In Music, a Complex Joke

In 1990, Philip Yampolsky, an ethnomusicologist, and several Indonesian colleagues began to travel the vast Indonesian archipelago to record samplings of the country's many types of music. The project, funded by the Ford Foundation, resulted in "Music of Indonesia," a series of 20 CD's produced by Smithsonian Folkways with the Indonesian Society for the Performing Arts. Ten of these CD's are now available in Indonesia with translations of liner notes written by Yampolsky, now a program officer in the Foundation's Jakarta office.

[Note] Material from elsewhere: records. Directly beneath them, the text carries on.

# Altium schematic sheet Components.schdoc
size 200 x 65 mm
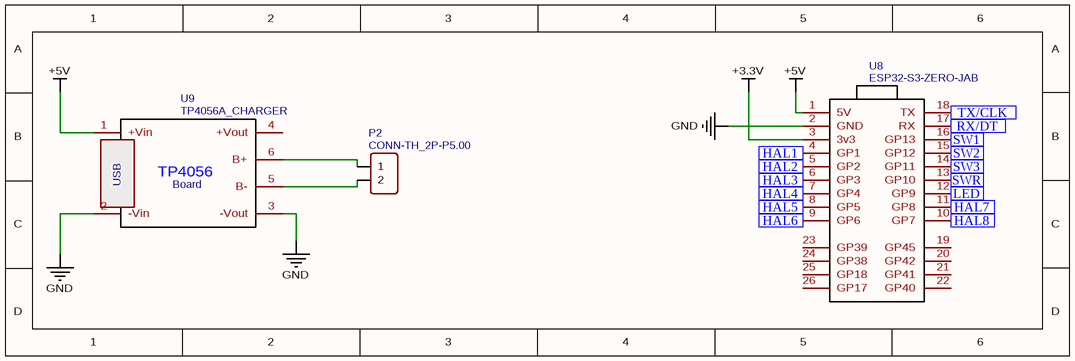
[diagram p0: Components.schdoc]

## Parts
P2  CONN-TH_2P-P5.00  [CONN-TH_2P-P5.00]
U8  ESP32-S3-ZERO-JAB  [ESP32-S3-ZERO JAB]
U9  TP4056A_CHARGER  [TP4056A_CHARGER_BOARD]

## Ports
HAL1 (in), HAL2 (in), HAL3 (in), HAL4 (in), HAL5 (in), HAL6 (in), HAL7 (in), HAL8 (in), LED (in), RX/DT (in), SW1 (in), SW2 (in), SW3 (in), SWR (in), TX/CLK (in)

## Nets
+3.3V: U8.3(3v3)
+5V: U8.1(5V) U9.1(+Vin)
GND: U8.2(GND) U9.2(-Vin) U9.3(-Vout)
HAL1: U8.4(GP1) ; port HAL1
HAL2: U8.5(GP2) ; port HAL2
HAL3: U8.6(GP3) ; port HAL3
HAL4: U8.7(GP4) ; port HAL4
HAL5: U8.8(GP5) ; port HAL5
HAL6: U8.9(GP6) ; port HAL6
HAL7: U8.11(GP8) ; port HAL7
HAL8: U8.10(GP7) ; port HAL8
LED: U8.12(GP9) ; port LED
RX/DT: U8.17(RX) ; port RX/DT
SW1: U8.16(GP13) ; port SW1
SW2: U8.15(GP12) ; port SW2
SW3: U8.14(GP11) ; port SW3
SWR: U8.13(GP10) ; port SWR
TX/CLK: U8.18(TX) ; port TX/CLK
NetP2_1: P2.1 U9.6(B+)
NetP2_2: P2.2 U9.5(B-)

Not connected (* = marked no-connect by the designer): U8 19(GP45) 20(GP42) 21(GP41) 22(GP40) 23(GP39) 24(GP38) 25(GP18) 26(GP17); U9 4(+Vout)

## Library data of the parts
P2 = CONN-TH_2P-P5.00: Contributor: LCEDA_Lib
U8 = ESP32-S3-ZERO-JAB: Contributor: samahosam
U9 = TP4056A_CHARGER: Contributor: lucianscripca
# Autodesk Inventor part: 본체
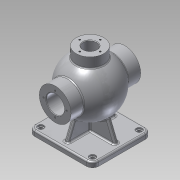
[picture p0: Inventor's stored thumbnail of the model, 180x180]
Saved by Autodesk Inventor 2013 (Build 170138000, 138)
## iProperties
Created: 2018-06
Part Number: 본체
Material: 알루미늄 6061
Document SubType Name: Modeling
Designer: Administrator
Density: 2.71 g/cm^3
Mass: 1509.81 g
Surface Area: 1154.15 cm^2
Volume: 557.126 cm^3
Author: Administrator
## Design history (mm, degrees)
sketch "스케치1"
  geometry: L1 (0, 53)-(0, -53); A1 r 53 centre (0, 0) between (0, -53) and (0, 53); A2 r 43 centre (0, 0) between (0, -43) and (0, 43); 1 further point
  constraints: 4 point on circle, 2 centre point, 2 coincident, 2 end point, 2 point on line, 1 midpoint, 1 vertical
  dimensions: "d0" = 53 radius of A1; "d1" = 43 radius of A2
revolve "회전1" sketch "스케치1" stored, may be unused: angle "d2" = 90 deg
node "작업 평면1"
sketch "스케치2"
  geometry: C1 r 31 at (0, 0); 1 further point
  constraints: 1 centre point, 1 coincident
  dimensions: "d4" = 62 diameter of C1
extrude "돌출1" join sketch "스케치2" stored distance "d5" = 10; taper "d6" = 0 deg
hole "구멍1" diameter "d9" = 35; stored, may be unused: countersink angle "d13" = 90 deg, drill point angle "d15" = 118 deg; dims "d7" = 10, "d8" = 10, "d10" = 6, "d11" = 4, "d12" = 2, "d14" = 8
node "작업 평면2"
sketch "스케치3"
  geometry: C1 r 27 at (0, 0); 1 further point
  constraints: 1 centre point, 1 coincident
  dimensions: "d17" = 54 diameter of C1
extrude "돌출2" join sketch "스케치3" stored distance "d18" = 10; taper "d19" = 0 deg
hole "구멍2" diameter "d22" = 26; stored, may be unused: countersink angle "d26" = 90 deg, drill point angle "d28" = 118 deg; dims "d23" = 6, "d24" = 4, "d25" = 2, "d27" = 8, "d48" = 10, "d49" = 10
node "작업 평면3"
sketch "스케치4"
  geometry: L1 (-62.5, -57.5)-(62.5, -57.5); L2 (62.5, -57.5)-(62.5, 57.5); L3 (62.5, 57.5)-(-62.5, 57.5); L4 (-62.5, 57.5)-(-62.5, -57.5); L5 (-62.5, -57.5)-(62.5, 57.5); L6 (62.5, -57.5)-(-62.5, 57.5); 1 further point
  constraints: 12 end point, 2 midpoint, 2 parallel, 1 horizontal, 1 perpendicular
  dimensions: "d30" = 125 distance of L2.end L3.end; "d32" = 115 distance of L1.end L2.end
extrude "돌출3" join sketch "스케치4" distance "d33" = 10; taper "d34" = 0 deg
fillet "모깎기1" dims "d35" = 12
sketch "스케치5"
  geometry: A1 r 12 centre (-50.5, 45.5) between (-50.5, 57.5) and (-62.5, 45.5) reference; A2 r 12 centre (-50.5, -45.5) between (-62.5, -45.5) and (-50.5, -57.5) reference; A3 r 12 centre (50.5, -45.5) between (50.5, -57.5) and (62.5, -45.5) reference; A4 r 12 centre (50.5, 45.5) between (62.5, 45.5) and (50.5, 57.5) reference; 5 further points
  constraints: 4 coincident
hole "구멍3" sketch "스케치5" at (-50.5, 45.5), (-50.5, -45.5), (50.5, -45.5), (50.5, 45.5) diameter "d36" = 8; stored, may be unused: countersink angle "d40" = 90 deg, drill point angle "d42" = 118 deg; dims "d37" = 6, "d38" = 12, "d39" = 3, "d41" = 8
sketch "스케치9"
  geometry: L1 (50.5, 57.5)-(-50.5, 57.5) reference; L2 (-4, -47.5)-(4, -47.5); L3 (4, -47.5)-(4, 47.5); L4 (4, 47.5)-(-4, 47.5); L5 (-4, 47.5)-(-4, -47.5); L6 (-4, -47.5)-(4, 47.5); L7 (4, -47.5)-(-4, 47.5); 1 further point
  constraints: 12 end point, 2 midpoint, 2 parallel, 1 horizontal, 1 perpendicular
  dimensions: "d52" = 8 distance of L3.end L4.end; "d54" = 10 distance between parallel lines of L1 L4
extrude "돌출4" join sketch "스케치9" stored distance "d55" = 10; taper "d56" = 0 deg
feature "면 기울기1" dims angle "d57" = 22 deg
feature "면 기울기2" dims angle "d58" = 22 deg
sketch "스케치10"
  geometry: L1 (62.5, -45.5)-(62.5, 45.5) reference; L2 (-52.5, -4)-(52.5, -4); L3 (52.5, -4)-(52.5, 4); L4 (52.5, 4)-(-52.5, 4); L5 (-52.5, 4)-(-52.5, -4); L6 (-52.5, -4)-(52.5, 4); L7 (52.5, -4)-(-52.5, 4); 1 further point
  constraints: 12 end point, 2 midpoint, 2 parallel, 1 horizontal, 1 perpendicular
  dimensions: "d59" = 8 distance of L2.end L3.end; "d61" = 10 distance between parallel lines of L1 L3
extrude "돌출5" join sketch "스케치10" stored distance "d62" = 10; taper "d63" = 0 deg
feature "면 기울기3" dims angle "d64" = 22 deg
feature "면 기울기4" dims angle "d65" = 22 deg
sketch "스케치11"
  geometry: C1 r 17.5 at (0, 0) reference; 1 further point
  constraints: 1 vertical alignment
  dimensions: "d66" = 22.5 distance of C1.centre point (0, 22.5)
hole "구멍4" sketch "스케치11" at (0, 22.5) diameter "d67" = 3.242; stored, may be unused: countersink angle "d71" = 90 deg, drill point angle "d73" = 118 deg; dims "d68" = 12, "d69" = 12, "d70" = 3, "d72" = 15
sketch "스케치12"
  geometry: C1 r 17.5 at (0, 0) reference; 1 further point
  constraints: 1 vertical alignment
  dimensions: "d77" = 24 distance of C1.centre point (0, -24)
hole "구멍5" sketch "스케치12" at (0, -24) diameter "d78" = 3.242; stored, may be unused: countersink angle "d82" = 90 deg, drill point angle "d84" = 118 deg; dims "d79" = 16, "d80" = 12, "d81" = 3, "d83" = 19
sketch "스케치13"
  geometry: C1 r 13 at (0, 0) reference; 1 further point
  constraints: 1 vertical alignment
  dimensions: "d88" = 20 distance of C1.centre point (0, 20)
hole "구멍6" sketch "스케치13" at (0, 20) diameter "d89" = 3.242; stored, may be unused: countersink angle "d93" = 90 deg, drill point angle "d95" = 118 deg; dims "d90" = 9, "d91" = 12, "d92" = 3, "d94" = 11
sketch "스케치14"
  geometry: L1 (50.25, 18.5)-(52, 18.5); L2 (52, 18.5)-(52, 0); L3 (52, 0)-(50.25, 0); L4 (50.25, 0)-(50.25, 18.5); L5 (68, 17.5)-(68, -17.5) reference; 1 further point
  constraints: 8 end point, 2 parallel, 1 horizontal, 1 perpendicular, 1 point on line
  dimensions: "d99" = 1.75 distance of L1.start L1.end; "d101" = 37 diameter of L1 L3; "d102" = 16 distance between parallel lines of L5 L2
revolve "회전2" sketch "스케치14" stored, may be unused: angle "d103" = 90 deg
fillet "모깎기3" dims "d105" = 3
fillet "모깎기4" dims "d106" = 3
node "작업 평면4"
sketch "스케치15"
  geometry: L1 (-27, 65)-(27, 65) reference; 2 further points
  constraints: 1 vertical alignment, 1 other
  dimensions: "d108" = 10 distance from line of L1 point (0, 55)
feature "엠보싱1" sketch "스케치15" dims "d17" = 54, "d109" = 0.5, "d110" = 0
chamfer "모따기1" distance "d111" = 1; stored, may be unused: second distance "d112" = 2, angle "d113" = 45 deg
node "솔리드1"
mirror "대칭1"
pattern_circular "원형 패턴1" dims angle "d75" = 360 deg
pattern_circular "원형 패턴2" dims angle "d86" = 360 deg
pattern_circular "원형 패턴3" dims angle "d97" = 360 deg
other parameters: "d3" = -68, "d16" = 65, "d29" = -85, "d107" = -27

Musical selections can be heard online at

The following excerpt, from liner notes for "Indonesian Guitars," discusses music of the Bugis, the largest ethnic group in South Sulawesi:

"Among the major forms of entertainment in Bugis rural villages and small towns is a performance by professional kacapi players-two, three or four male singers accompanying themselves on two-stringed plucked lutes ... Kacapi ensembles play for weddings and other domestic celebrations. The central element in a nightlong performance is narrative songs … A show will also contain a number of comic interludes and episodes, called atraksi … [One] revolves around the musician La Podding … When it is time for his atraksi, he retunes his kacapi, attaches a tiny speaker (spul) from an automobile sound system to it as a pickup, and transforms his instrument into a two-stringed electric guitar. What he plays is dangdut, one of the principal forms of national popular music. Sometimes he borrows Indonesian-language dangdut songs from the big Jakarta stars … sometimes he borrows dangdut Bugis from the Bugis-language singers .…

"For the most part, La Podding plays these songs straight, without overt comedy. Seated throughout, with his hands busy on the kacapi, he has no opportunity to imitate dance moves or stagy gestures. Yet his audience finds the songs hilarious. The joke is complex. Partly it lies in the incongruity-glamorous television and recording stars from the big cities summoned to a bamboo platform at a village crossroads; the electric guitar, indeed the whole dangdut band, reproduced on a two-stringed lute. But also, we believe, there is an element of humorous payback: the national, which so often mocks the local as backward and foolish, is here cut down to local size."

Diana Pabst Parsell is a freelance writer based in Washington, D.C.